Thompson, who is one of the resolution’s sponsors, teaches fifth grade at a Richmond elementary school and supports mandating the vaccine because it will enable more students to stay in school, where they learn best, he said.
“The pandemic has really disrupted the lives of so many students. We have students who had to study online and they found it very difficult, and their parents found it very difficult,” said Thompson, who represents District 7.
Thompson added that he doesn’t think the requirement will backfire, and that opposing a vaccine mandate is a natural reaction for teenagers and others who aren’t convinced that the vaccine is safe for them. With LAUSD approving a student mandate, Thompson thinks other districts could soon follow suit, and that those students who resist vaccination can enroll in the district’s independent study program.
District 3 representative Williams teaches history and ethnic studies at a San Francisco high school and said a COVID vaccine mandate is in the same category as the other vaccines that students are required to get to enroll in public schools.
“I believe that school sites should be a safe place for our students and having a vaccine will be a step to making that possible,” he said.
In talking with his students each day, Williams said he’s learned that students are concerned about their health and what they want most is a safe and clean place to learn. While the board recently passed a resolution to provide biweekly testing to all students and staff, Williams is in favor of weekly testing and wants to see the board make that happen.
Reaching hesitant students
Umoja Health, a collaboration between healthcare and community organizations in Alameda County, recently launched the youth mobilizers crew to encourage more young people to get vaccinated.
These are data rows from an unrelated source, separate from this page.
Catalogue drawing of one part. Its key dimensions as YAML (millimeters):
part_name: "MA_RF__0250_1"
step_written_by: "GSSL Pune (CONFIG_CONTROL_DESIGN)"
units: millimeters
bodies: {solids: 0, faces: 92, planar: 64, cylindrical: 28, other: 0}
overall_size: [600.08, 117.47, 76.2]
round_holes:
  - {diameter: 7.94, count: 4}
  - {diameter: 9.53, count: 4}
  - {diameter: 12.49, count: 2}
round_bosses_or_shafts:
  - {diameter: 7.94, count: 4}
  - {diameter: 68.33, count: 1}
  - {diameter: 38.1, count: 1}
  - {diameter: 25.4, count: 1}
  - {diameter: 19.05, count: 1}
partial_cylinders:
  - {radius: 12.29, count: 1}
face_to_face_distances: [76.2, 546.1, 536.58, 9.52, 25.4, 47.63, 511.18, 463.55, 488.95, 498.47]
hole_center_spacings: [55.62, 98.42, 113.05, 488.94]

As part of that group, Caniya Johnson has heard from many young people who believe misinformation about the COVID vaccine, which has stopped some of them from getting vaccinated. They repeat conspiracy theories, she said, such as that the vaccine is a way for the government to track people, or they’re scared that the vaccine will kill them. What’s worked in persuading other young people, said Johnson, is telling them about her own experience getting vaccinated, and about her family members who aren’t vaccinated and have been severely ill with COVID.
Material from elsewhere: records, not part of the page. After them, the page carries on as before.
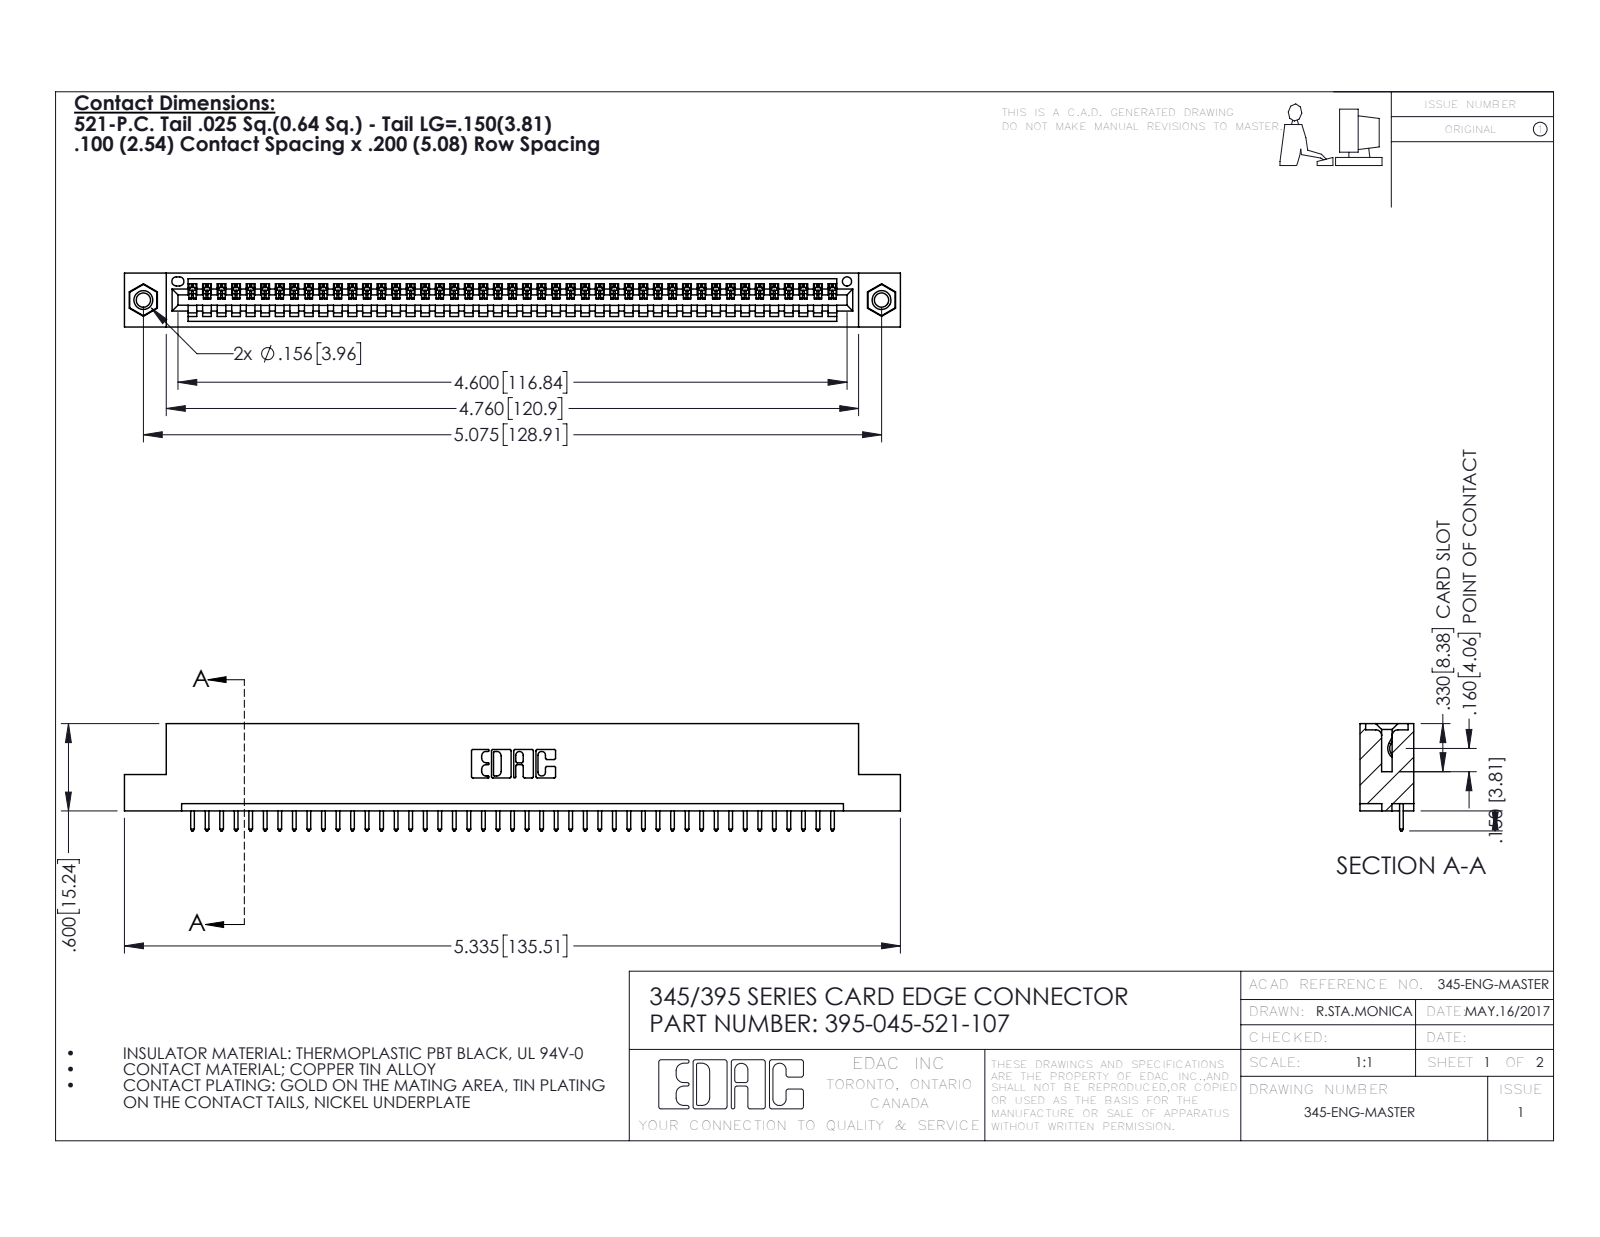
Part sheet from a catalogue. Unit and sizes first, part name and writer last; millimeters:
Units: millimetres
Overall size (bounding box): 135.5 × 18.7 × 9.4
Round holes (diameter × count): ⌀2.5 ×2, ⌀3.2 ×2, ⌀4 ×2, ⌀1.6 ×1
Round bosses / shafts (diameter × count): ⌀3.9 ×2
Partial cylindrical surfaces — rounded edges, fillets, slot ends (radius × count): R0.2 ×90, R0.3 ×90, R0.3 ×22, R0.2 ×6, R0.8 ×6, R0.7 ×3, R0.8 ×2, R1 ×2
Main face-to-face distances: 1.8, 7.6, 9.4, 5.1, 2.5, 6.9, 0.6, 5.7, 3.8, 1.8
Hole centre spacings: 6.9, 122.9, 128.9
Volume: 12 700 mm³ · Surface area: 16 520 mm²
Bodies: 48 solids, 2796 faces (1912 planar, 868 cylindrical, 16 other)
Part name (STEP PRODUCT): 345-250-001_345-250-005-103; 345-292-001_345-293-121; 345 Part_Flush Mounting Lugs - 0.156 Dia-TI; 395-045-521-107
STEP written by: SolidWorks 2016 (CONFIG_CONTROL_DESIGN)

“I tell them I’ve been vaccinated for months, and nothing has happened to me,” she said. “The options are to get vaccinated or to take the risk of being sick and possibly losing your life.”
At a recent Umoja Health vaccination clinic at Roots Community Health Center, Johnson was able to encourage a few students to get vaccinated. She walked them across the street to the vaccination site, offered to hold their hand while they got the shot, and stayed with them until it was over.
At Oakland High School, Gallegos-Chavez thinks the best approach would be giving students an opportunity to ask questions to medical professionals, and to have forums in different languages for families that don’t speak English.
Above all, she thinks district officials should think through what all the consequences could be if they mandate vaccination, but also should work to make sure that students are kept safe in other ways. She pointed to the rash of cases at Oakland High School during the first week of school that made students feel like school and district officials hadn’t done everything they could to prevent outbreaks.
“It’s ridiculous, in a way, how many cases we’ve had, because it makes it look like the district wasn’t even prepared for us to come back,” she said. “The question now is, is the district prepared for this to be passed?”